PostPosted: Sat Mar 22, 2008 5:46 am
I've been working on improving my art of late and my current hump is colour. I tend towards mid saturation with odd mixes of hue. I've been reading up alot of colour theory and one thing that seems to stand out to me is that most art schools teach traditional sliding scale shading. In that, if you wnat a shadow add black. Want a light add white. I've not found almost anything on hue shifting unless it's a rant from Helm, Adarias complaining about his art professor, or a vague referance to it potentially improoving interest, coheasion and the totality of an image.

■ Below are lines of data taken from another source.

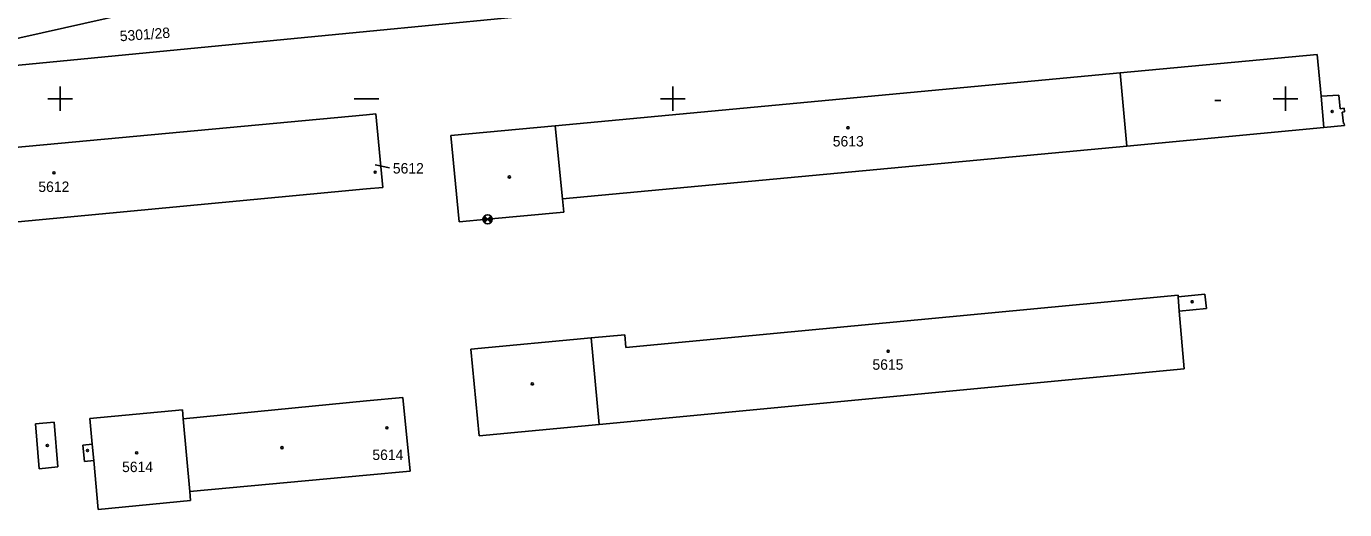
# Model space of a CAD drawing. Extents: x -822293 to -820259, y -1071573 to -1068794.
# Drawn here: x -821305.5 to -821090.3, y -1069967.1 to -1069888.2 of the extents above; entities that cross this region are included whole.
import ezdxf

# ---------------------------------------------------------------- set-up
doc = ezdxf.new("R2010")
doc.units = 0
for name, color, linetype in [('Vrstva 1', 7, 'Continuous'), ('Vrstva 10', 7, 'Continuous'), ('Vrstva 13', 7, 'Continuous'), ('Vrstva 18', 7, 'Continuous'), ('Vrstva 19', 7, 'Continuous'), ('Vrstva 2', 7, 'Continuous'), ('Vrstva 24', 7, 'Continuous'), ('Vrstva 25', 7, 'Continuous'), ('Vrstva 3', 7, 'Continuous'), ('Vrstva 62', 7, 'Continuous')]:
    doc.layers.add(name, color=color, linetype=linetype)

# ---------------------------------------------------------------- blocks, each defined once
blk = doc.blocks.new('02.04')
at = {"layer": 'Vrstva 1'}
for p, q in [((-2, 0), (2, 0)), ((0, -2), (0, 2))]:
    blk.add_line(p, q, dxfattribs=at)
blk = doc.blocks.new('02.05')
at = {"layer": 'Vrstva 1'}
blk.add_line((0, 0), (2, 0), dxfattribs=at)

msp = doc.modelspace()

# ---------------------------------------------------------------- linework, layer by layer
at = {"layer": 'Vrstva 1'}
msp.add_line((-821285.17, -1069885.29), (-821310.26, -1069890.87), dxfattribs=at)
at = {"layer": 'Vrstva 10'}
msp.add_line((-821248.56, -1069910.8), (-821246.25, -1069911.26), dxfattribs=at)
at = {"layer": 'Vrstva 13'}
for p, q in [((-821204.97, -1069884.66), (-821250, -1069889.013)), ((-821250, -1069889.013), (-821204.97, -1069884.66)), ((-821250, -1069889.013), (-821310.18, -1069894.83)), ((-821310.18, -1069894.83), (-821250, -1069889.013))]:
    msp.add_line(p, q, dxfattribs=at)
at = {"layer": 'Vrstva 2'}
for p, q in [((-821126.99, -1069895.8), (-821094.83, -1069892.79)), ((-821094.83, -1069892.79), (-821094.2, -1069899.61)), ((-821219.2, -1069904.42), (-821126.99, -1069895.8)), ((-821094.2, -1069899.61), (-821091.31, -1069899.42)), ((-821091.31, -1069899.42), (-821091.08, -1069901.64)), ((-821250, -1069902.622), (-821248.48, -1069902.48)), ((-821248.48, -1069902.48), (-821247.33, -1069914.47)), ((-821091.08, -1069901.64), (-821090.41, -1069901.57)), ((-821090.35, -1069902.14), (-821090.74, -1069902.17)), ((-821090.74, -1069902.17), (-821090.55, -1069904.06)), ((-821090.41, -1069901.57), (-821090.35, -1069902.14)), ((-821356.08, -1069912.51), (-821250, -1069902.622)), ((-821236.23, -1069906.01), (-821219.2, -1069904.42)), ((-821093.74, -1069904.69), (-821125.89, -1069907.73)), ((-821090.36, -1069904.37), (-821093.74, -1069904.69)), ((-821090.55, -1069904.06), (-821090.4, -1069904.04)), ((-821090.4, -1069904.04), (-821090.36, -1069904.37)), ((-821234.89, -1069920.11), (-821236.23, -1069906.01)), ((-821125.89, -1069907.73), (-821218, -1069916.36)), ((-821250, -1069914.722), (-821354.95, -1069924.62)), ((-821247.33, -1069914.47), (-821250, -1069914.722)), ((-821218, -1069916.36), (-821217.78, -1069918.52)), ((-821230.23, -1069919.68), (-821234.89, -1069920.11)), ((-821217.78, -1069918.52), (-821230.23, -1069919.68)), ((-821207.69, -1069940.62), (-821117.54, -1069932.09)), ((-821117.54, -1069932.09), (-821117.52, -1069932.34)), ((-821117.52, -1069932.34), (-821113.16, -1069931.9)), ((-821113.16, -1069931.9), (-821112.89, -1069934.23)), ((-821112.89, -1069934.23), (-821117.33, -1069934.69)), ((-821117.33, -1069934.69), (-821116.55, -1069944.11)), ((-821232.95, -1069940.9), (-821213.34, -1069939.04)), ((-821213.34, -1069939.04), (-821207.85, -1069938.52)), ((-821207.85, -1069938.52), (-821207.69, -1069940.62)), ((-821231.61, -1069955.04), (-821232.95, -1069940.9)), ((-821116.55, -1069944.11), (-821212.01, -1069953.18)), ((-821279.92, -1069952.26), (-821250, -1069949.339)), ((-821250, -1069949.339), (-821244.07, -1069948.76)), ((-821244.07, -1069948.76), (-821242.89, -1069960.8)), ((-821295.15, -1069952.17), (-821280.05, -1069950.77)), ((-821280.05, -1069950.77), (-821279.92, -1069952.26)), ((-821294.76, -1069956.41), (-821295.15, -1069952.17)), ((-821212.01, -1069953.18), (-821231.61, -1069955.04)), ((-821296.28, -1069956.55), (-821294.76, -1069956.41)), ((-821296.04, -1069959.2), (-821296.28, -1069956.55)), ((-821294.51, -1069959.06), (-821296.04, -1069959.2)), ((-821293.77, -1069967.07), (-821294.51, -1069959.06)), ((-821250, -1069961.455), (-821278.84, -1069964.11)), ((-821242.89, -1069960.8), (-821250, -1069961.455)), ((-821278.84, -1069964.11), (-821278.7, -1069965.6)), ((-821278.7, -1069965.6), (-821293.77, -1069967.07))]:
    msp.add_line(p, q, dxfattribs=at)
at = {"layer": 'Vrstva 24'}
for p, q in [((-821230.98, -1069919.68), (-821229.48, -1069919.68)), ((-821230.954, -1069919.486), (-821229.506, -1069919.874)), ((-821230.954, -1069919.874), (-821229.506, -1069919.486)), ((-821230.879, -1069919.305), (-821229.581, -1069920.055)), ((-821230.879, -1069920.055), (-821229.581, -1069919.305)), ((-821230.76, -1069920.21), (-821229.7, -1069919.15)), ((-821230.76, -1069919.15), (-821229.7, -1069920.21))]:
    msp.add_line(p, q, dxfattribs=at)
msp.add_circle((-821230.23, -1069919.68), 0.75, dxfattribs=at)
at = {"layer": 'Vrstva 25'}
msp.add_line((-821111.56, -1069900.29), (-821110.56, -1069900.29), dxfattribs=at)
for centre in [(-821092.38, -1069902.08), (-821171.41, -1069904.74), (-821301, -1069912.11), (-821248.58, -1069911.99), (-821226.67, -1069912.77), (-821115.23, -1069933.14), (-821164.85, -1069941.22), (-821222.93, -1069946.55), (-821246.66, -1069953.71), (-821302.08, -1069956.59), (-821295.53, -1069957.43), (-821287.5, -1069957.81), (-821263.79, -1069956.95)]:
    msp.add_circle(centre, 0.175, dxfattribs=at)
at = {"layer": 'Vrstva 3'}
for p, q in [((-821126.99, -1069895.8), (-821125.89, -1069907.73)), ((-821094.2, -1069899.61), (-821093.74, -1069904.69)), ((-821219.2, -1069904.42), (-821218, -1069916.36)), ((-821117.52, -1069932.34), (-821117.33, -1069934.69)), ((-821213.34, -1069939.04), (-821212.01, -1069953.18)), ((-821304.03, -1069953.05), (-821300.95, -1069952.82)), ((-821303.42, -1069960.39), (-821304.03, -1069953.05)), ((-821300.95, -1069952.82), (-821300.38, -1069960.11)), ((-821279.92, -1069952.26), (-821278.84, -1069964.11)), ((-821294.76, -1069956.41), (-821294.51, -1069959.06)), ((-821300.38, -1069960.11), (-821303.42, -1069960.39))]:
    msp.add_line(p, q, dxfattribs=at)
at = {"layer": 'Vrstva 62'}
msp.add_line((-821252, -1069900), (-821250, -1069900), dxfattribs=at)

# ---------------------------------------------------------------- block references
for name, p in [('02.04', (-821300, -1069900)), ('02.04', (-821200, -1069900)), ('02.04', (-821100, -1069900)), ('02.05', (-821250, -1069900))]:
    msp.add_blockref(name, p, dxfattribs=at)

# ---------------------------------------------------------------- texts
at = {"layer": 'Vrstva 18'}
msp.add_text('5301/28', height=1.7, rotation=4.10499, dxfattribs=at).set_placement((-821290.199, -1069890.636))
at = {"layer": 'Vrstva 19'}
for s, p in [('5613', (-821173.894, -1069907.8)), ('5612', (-821245.692, -1069912.21)), ('5612', (-821303.552, -1069915.22)), ('5615', (-821167.418, -1069944.24)), ('5614', (-821249.037, -1069958.97)), ('5614', (-821289.887, -1069960.94))]:
    msp.add_text(s, height=1.7, dxfattribs=at).set_placement(p)

doc.saveas('drawing.dxf')

I understand the basic principle of dark colours tend towards cool colours whilst light tends towards warm. It's all based on their greyscale index values and such. But what i need to know is how to know how deep to go in either direction. Atleast as a newbie, i know it can be taken to extremes beautifully (pretty much anything by Helm)! Or exicuted with masterful subtlty. But whenever i try to construct my ramp i end up with clashing colours, it not looking right, or looking "artifical" and not in a good way. neutral

So i ask humbly for an explanation on pallet picking in relation to hue shifting, how to do it with coheasion and how each of you pulls it off.
 
PostPosted: Sun Mar 23, 2008 5:10 am
Well, there are three really great tutorials that we have here that really do a good job of looking at the separate ways that color/light work together and how to understand and use them together.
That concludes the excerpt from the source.